■ INPUT DATA:
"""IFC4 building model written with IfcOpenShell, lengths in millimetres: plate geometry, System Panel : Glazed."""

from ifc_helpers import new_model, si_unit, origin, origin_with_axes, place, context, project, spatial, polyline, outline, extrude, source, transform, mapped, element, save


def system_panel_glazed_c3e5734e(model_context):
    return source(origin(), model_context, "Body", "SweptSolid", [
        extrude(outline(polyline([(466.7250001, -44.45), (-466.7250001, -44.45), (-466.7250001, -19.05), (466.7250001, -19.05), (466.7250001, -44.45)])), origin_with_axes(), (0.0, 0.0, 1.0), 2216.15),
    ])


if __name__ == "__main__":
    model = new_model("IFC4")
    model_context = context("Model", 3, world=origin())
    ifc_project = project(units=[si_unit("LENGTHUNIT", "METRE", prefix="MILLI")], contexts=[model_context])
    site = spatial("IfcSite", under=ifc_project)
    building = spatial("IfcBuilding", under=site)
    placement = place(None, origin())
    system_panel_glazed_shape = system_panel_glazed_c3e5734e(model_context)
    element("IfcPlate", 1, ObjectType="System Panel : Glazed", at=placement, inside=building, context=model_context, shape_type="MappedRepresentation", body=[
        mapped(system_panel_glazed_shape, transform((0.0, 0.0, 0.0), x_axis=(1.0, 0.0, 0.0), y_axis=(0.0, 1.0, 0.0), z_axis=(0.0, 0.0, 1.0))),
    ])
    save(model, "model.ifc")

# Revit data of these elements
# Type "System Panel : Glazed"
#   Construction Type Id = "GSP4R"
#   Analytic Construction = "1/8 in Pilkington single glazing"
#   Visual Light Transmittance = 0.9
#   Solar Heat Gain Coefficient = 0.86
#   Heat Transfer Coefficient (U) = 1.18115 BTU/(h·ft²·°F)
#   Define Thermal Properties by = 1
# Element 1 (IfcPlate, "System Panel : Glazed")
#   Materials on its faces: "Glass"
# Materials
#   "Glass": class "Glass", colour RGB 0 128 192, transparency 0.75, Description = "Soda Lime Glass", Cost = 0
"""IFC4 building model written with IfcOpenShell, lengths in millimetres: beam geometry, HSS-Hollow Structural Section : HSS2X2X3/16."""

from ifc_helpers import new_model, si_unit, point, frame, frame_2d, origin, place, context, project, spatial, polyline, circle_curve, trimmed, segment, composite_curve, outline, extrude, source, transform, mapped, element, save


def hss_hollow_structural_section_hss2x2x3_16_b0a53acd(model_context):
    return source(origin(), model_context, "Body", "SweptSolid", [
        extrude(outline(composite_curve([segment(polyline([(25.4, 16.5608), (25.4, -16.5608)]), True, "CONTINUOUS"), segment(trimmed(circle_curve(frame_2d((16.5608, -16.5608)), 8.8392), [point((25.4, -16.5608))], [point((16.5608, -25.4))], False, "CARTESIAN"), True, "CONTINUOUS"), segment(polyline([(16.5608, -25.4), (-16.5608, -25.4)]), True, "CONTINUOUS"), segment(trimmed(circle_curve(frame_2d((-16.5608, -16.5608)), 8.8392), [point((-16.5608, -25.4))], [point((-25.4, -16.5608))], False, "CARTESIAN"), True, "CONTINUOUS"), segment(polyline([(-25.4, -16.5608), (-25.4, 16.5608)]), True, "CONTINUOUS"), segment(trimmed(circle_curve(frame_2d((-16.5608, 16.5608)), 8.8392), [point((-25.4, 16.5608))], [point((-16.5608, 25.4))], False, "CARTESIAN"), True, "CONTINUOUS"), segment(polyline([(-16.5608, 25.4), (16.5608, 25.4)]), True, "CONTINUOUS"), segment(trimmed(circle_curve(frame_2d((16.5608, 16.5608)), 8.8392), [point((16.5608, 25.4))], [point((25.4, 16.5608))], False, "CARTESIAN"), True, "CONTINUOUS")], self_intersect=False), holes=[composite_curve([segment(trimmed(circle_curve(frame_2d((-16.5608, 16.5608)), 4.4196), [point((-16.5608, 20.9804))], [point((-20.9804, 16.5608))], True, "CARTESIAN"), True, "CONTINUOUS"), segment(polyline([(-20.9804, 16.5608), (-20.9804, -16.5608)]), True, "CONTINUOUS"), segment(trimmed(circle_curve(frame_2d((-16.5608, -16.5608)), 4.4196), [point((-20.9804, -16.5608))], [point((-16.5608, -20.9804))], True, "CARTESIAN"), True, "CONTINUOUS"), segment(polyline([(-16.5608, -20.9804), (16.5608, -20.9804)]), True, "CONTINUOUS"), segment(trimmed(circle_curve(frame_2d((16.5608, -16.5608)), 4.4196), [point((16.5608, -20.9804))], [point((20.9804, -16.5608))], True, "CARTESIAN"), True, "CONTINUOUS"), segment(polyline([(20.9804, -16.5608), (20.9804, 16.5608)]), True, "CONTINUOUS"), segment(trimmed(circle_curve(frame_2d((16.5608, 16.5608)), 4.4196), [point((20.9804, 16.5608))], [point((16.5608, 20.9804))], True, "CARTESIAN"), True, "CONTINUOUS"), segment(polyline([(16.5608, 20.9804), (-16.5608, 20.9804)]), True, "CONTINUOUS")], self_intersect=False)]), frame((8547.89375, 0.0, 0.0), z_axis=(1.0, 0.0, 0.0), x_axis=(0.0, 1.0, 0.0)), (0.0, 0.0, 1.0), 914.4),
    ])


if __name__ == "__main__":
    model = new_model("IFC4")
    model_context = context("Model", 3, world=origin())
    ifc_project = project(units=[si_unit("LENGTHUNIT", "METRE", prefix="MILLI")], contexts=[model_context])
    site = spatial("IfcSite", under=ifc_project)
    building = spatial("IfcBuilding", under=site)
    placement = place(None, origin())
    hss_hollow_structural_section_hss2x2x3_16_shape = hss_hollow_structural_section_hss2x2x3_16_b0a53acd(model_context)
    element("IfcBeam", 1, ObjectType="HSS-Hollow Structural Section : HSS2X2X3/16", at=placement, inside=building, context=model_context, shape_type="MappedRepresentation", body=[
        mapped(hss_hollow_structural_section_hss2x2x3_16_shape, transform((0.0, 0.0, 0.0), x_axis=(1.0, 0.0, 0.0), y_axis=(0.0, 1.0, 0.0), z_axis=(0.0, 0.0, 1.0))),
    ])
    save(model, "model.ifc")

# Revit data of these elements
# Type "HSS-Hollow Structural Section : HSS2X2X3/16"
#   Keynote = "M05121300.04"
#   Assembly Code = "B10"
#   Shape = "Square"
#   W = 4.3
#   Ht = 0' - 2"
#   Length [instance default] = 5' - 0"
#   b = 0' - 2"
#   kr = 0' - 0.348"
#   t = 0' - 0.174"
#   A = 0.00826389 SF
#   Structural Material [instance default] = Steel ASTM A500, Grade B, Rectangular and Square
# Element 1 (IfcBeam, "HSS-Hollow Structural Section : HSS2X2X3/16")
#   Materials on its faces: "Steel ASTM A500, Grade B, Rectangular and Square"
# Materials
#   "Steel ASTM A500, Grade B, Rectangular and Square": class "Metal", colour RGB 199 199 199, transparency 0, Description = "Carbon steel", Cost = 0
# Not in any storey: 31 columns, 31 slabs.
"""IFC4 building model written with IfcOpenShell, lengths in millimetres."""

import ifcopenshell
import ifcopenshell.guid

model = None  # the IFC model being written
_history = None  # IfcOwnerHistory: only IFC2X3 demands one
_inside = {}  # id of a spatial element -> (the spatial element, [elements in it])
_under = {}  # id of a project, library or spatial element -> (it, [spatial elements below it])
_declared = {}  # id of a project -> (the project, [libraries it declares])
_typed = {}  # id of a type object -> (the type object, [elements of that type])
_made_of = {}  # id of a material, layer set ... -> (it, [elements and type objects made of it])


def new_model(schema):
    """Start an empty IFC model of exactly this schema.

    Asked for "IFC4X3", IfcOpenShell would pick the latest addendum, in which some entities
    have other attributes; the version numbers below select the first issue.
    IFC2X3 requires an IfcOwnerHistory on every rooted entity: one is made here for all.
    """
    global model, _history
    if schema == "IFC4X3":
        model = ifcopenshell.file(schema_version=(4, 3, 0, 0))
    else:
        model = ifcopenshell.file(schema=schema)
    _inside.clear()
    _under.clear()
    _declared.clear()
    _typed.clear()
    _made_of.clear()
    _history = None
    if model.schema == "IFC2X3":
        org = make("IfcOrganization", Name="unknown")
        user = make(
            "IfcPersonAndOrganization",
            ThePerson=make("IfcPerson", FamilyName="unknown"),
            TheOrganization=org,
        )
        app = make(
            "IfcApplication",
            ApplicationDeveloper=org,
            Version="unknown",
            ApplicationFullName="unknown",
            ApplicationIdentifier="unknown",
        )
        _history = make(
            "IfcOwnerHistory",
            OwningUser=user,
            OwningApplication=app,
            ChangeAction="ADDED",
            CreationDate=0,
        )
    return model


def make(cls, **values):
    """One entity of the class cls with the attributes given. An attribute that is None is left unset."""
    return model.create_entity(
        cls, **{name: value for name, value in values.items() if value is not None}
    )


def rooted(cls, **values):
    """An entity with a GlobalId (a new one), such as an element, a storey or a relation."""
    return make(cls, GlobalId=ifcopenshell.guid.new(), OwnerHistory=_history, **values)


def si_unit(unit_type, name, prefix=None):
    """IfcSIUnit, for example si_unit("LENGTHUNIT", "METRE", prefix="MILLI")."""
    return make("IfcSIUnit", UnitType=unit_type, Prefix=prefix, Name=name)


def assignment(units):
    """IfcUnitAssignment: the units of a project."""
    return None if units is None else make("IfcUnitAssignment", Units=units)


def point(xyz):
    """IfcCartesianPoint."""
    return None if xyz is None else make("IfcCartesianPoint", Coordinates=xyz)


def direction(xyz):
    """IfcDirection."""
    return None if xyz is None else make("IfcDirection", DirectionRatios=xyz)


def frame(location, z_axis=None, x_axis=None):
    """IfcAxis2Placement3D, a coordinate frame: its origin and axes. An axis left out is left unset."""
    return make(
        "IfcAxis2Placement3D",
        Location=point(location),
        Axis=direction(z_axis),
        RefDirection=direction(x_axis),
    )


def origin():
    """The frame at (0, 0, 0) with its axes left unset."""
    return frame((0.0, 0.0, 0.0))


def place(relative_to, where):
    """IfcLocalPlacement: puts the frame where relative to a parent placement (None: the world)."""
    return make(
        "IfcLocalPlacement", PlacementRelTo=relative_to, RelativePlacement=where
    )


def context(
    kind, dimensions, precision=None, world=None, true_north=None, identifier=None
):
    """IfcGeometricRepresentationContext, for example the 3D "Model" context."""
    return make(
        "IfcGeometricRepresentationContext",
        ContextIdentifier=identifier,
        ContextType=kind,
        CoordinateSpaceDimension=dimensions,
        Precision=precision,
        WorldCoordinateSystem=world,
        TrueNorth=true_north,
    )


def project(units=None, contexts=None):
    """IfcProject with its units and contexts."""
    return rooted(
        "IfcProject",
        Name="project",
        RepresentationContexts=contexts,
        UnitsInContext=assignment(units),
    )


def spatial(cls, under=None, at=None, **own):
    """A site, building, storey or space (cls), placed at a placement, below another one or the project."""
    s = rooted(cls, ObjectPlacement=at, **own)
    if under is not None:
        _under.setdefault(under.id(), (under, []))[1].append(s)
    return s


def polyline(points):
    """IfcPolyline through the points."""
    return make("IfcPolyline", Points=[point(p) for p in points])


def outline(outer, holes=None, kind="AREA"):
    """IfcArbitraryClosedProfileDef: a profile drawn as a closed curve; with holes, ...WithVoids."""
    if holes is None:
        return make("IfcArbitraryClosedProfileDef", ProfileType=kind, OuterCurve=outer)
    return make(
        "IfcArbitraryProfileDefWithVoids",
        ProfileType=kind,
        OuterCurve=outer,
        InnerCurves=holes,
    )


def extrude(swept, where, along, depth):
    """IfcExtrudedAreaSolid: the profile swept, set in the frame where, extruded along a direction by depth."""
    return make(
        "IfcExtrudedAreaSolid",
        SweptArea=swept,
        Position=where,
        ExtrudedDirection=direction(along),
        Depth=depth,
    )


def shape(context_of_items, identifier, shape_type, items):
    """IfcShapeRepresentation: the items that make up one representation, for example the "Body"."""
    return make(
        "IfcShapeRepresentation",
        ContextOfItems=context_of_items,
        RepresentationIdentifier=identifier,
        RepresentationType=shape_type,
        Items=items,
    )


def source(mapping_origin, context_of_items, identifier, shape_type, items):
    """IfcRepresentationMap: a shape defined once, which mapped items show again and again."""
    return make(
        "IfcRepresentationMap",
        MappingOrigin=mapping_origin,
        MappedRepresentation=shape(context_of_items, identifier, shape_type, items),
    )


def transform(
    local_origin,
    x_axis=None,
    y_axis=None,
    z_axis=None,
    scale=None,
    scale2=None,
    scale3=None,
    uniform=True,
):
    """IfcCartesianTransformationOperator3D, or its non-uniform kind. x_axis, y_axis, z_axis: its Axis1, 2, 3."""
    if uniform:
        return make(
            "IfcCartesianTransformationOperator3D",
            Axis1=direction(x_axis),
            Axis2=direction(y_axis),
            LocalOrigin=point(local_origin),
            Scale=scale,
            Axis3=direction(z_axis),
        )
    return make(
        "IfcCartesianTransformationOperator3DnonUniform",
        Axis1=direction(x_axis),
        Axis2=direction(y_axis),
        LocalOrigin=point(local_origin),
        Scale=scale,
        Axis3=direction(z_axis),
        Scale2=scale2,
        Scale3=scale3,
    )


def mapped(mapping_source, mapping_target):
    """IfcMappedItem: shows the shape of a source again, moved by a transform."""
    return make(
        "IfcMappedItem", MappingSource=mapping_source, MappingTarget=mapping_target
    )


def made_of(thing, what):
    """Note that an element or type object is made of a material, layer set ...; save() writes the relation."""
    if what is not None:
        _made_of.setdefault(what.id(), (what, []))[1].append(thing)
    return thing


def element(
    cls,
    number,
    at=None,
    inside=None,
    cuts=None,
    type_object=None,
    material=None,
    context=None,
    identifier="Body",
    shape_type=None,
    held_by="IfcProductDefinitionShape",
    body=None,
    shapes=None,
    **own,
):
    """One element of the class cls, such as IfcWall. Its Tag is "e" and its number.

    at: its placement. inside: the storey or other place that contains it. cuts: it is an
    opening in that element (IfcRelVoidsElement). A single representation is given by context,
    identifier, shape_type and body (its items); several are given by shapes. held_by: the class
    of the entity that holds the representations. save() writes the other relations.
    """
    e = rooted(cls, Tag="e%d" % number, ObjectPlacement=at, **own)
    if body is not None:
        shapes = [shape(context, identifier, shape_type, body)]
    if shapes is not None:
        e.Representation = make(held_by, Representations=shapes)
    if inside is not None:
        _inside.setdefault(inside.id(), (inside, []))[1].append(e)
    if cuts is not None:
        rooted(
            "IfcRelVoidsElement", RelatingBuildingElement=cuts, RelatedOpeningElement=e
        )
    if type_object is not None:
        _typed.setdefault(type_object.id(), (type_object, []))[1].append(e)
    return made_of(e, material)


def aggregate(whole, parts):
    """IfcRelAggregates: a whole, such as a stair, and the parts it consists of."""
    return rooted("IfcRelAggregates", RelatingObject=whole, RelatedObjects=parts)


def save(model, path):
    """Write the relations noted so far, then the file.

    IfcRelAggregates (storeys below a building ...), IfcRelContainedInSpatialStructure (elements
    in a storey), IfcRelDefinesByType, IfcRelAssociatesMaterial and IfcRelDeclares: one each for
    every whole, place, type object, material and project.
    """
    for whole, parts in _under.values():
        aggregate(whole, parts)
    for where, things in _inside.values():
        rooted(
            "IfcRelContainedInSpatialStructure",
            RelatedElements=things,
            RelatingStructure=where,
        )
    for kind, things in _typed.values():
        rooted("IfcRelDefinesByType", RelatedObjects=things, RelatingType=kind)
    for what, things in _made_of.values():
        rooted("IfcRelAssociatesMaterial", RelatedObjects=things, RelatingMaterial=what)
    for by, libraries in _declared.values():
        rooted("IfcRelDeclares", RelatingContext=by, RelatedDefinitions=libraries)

■ YOUR GOAL: Some lines above contain the word "Construction". Copy each of them.

■ ANSWER SPACE:
#   Construction Type Id = "GSP4R"
#   Analytic Construction = "1/8 in Pilkington single glazing"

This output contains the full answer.